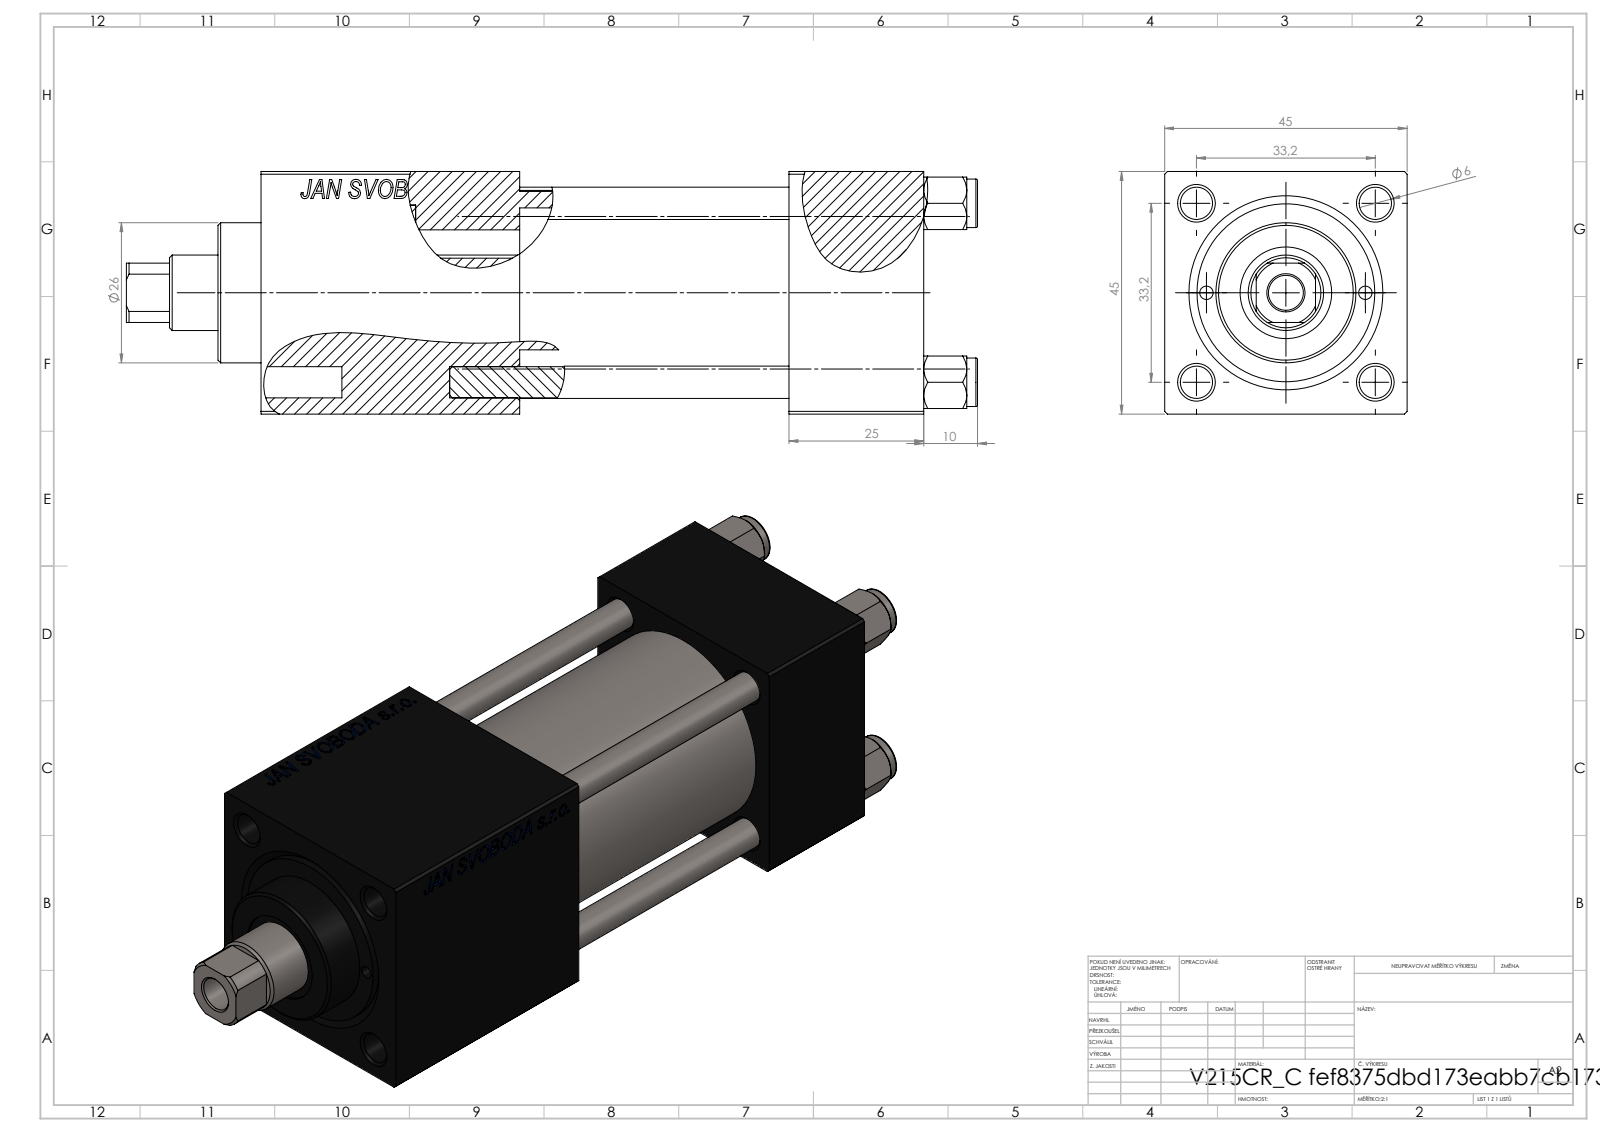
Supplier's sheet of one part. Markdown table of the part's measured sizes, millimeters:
| quantity | value |
| --- | --- |
| part name | V215_VC_A; V215CR_C_Body; NUT_M5_C; V215CR_VCP_C (+1 more) |
| STEP written by | SolidWorks 2019 (CONFIG_CONTROL_DESIGN) |
| units | millimeters |
| bodies | 11 solids, 1153 faces (527 planar, 90 cylindrical, 536 other) |
| overall size | 158 × 45 × 45 |
| volume | 193 847 mm³ |
| surface area | 67 163 mm² |
| round holes (diameter × count) | 6 × 4, 2.5 × 2, 7 × 2, 13.16 × 2, 20 × 2, 6.5 × 1, 14 × 1, 17 × 1, 24 × 1, 32 × 1, 33 × 1 |
| round bosses / shafts (diameter × count) | 9 × 4, 38 × 1, 26 × 1 |
| partial cylindrical surfaces (radius × count) | 6.5 × 1 |
| main face-to-face distances | 45, 25, 98, 123, 50, 75, 48, 94.3, 69.3, 19.3 |
| hole center spacings | 16.7, 23.48, 33.2, 35.47, 14.75, 46.95, 29.5, 75.5 |
##########
ACTIVITY:
Please copy out each line above exactly as written, but not the pictures.

EXERCISE OUTPUT:
Supplier's sheet of one part. Markdown table of the part's measured sizes, millimeters:
| quantity | value |
| --- | --- |
| part name | V215_VC_A; V215CR_C_Body; NUT_M5_C; V215CR_VCP_C (+1 more) |
| STEP written by | SolidWorks 2019 (CONFIG_CONTROL_DESIGN) |
| units | millimeters |
| bodies | 11 solids, 1153 faces (527 planar, 90 cylindrical, 536 other) |
| overall size | 158 × 45 × 45 |
| volume | 193 847 mm³ |
| surface area | 67 163 mm² |
| round holes (diameter × count) | 6 × 4, 2.5 × 2, 7 × 2, 13.16 × 2, 20 × 2, 6.5 × 1, 14 × 1, 17 × 1, 24 × 1, 32 × 1, 33 × 1 |
| round bosses / shafts (diameter × count) | 9 × 4, 38 × 1, 26 × 1 |
| partial cylindrical surfaces (radius × count) | 6.5 × 1 |
| main face-to-face distances | 45, 25, 98, 123, 50, 75, 48, 94.3, 69.3, 19.3 |
| hole center spacings | 16.7, 23.48, 33.2, 35.47, 14.75, 46.95, 29.5, 75.5 |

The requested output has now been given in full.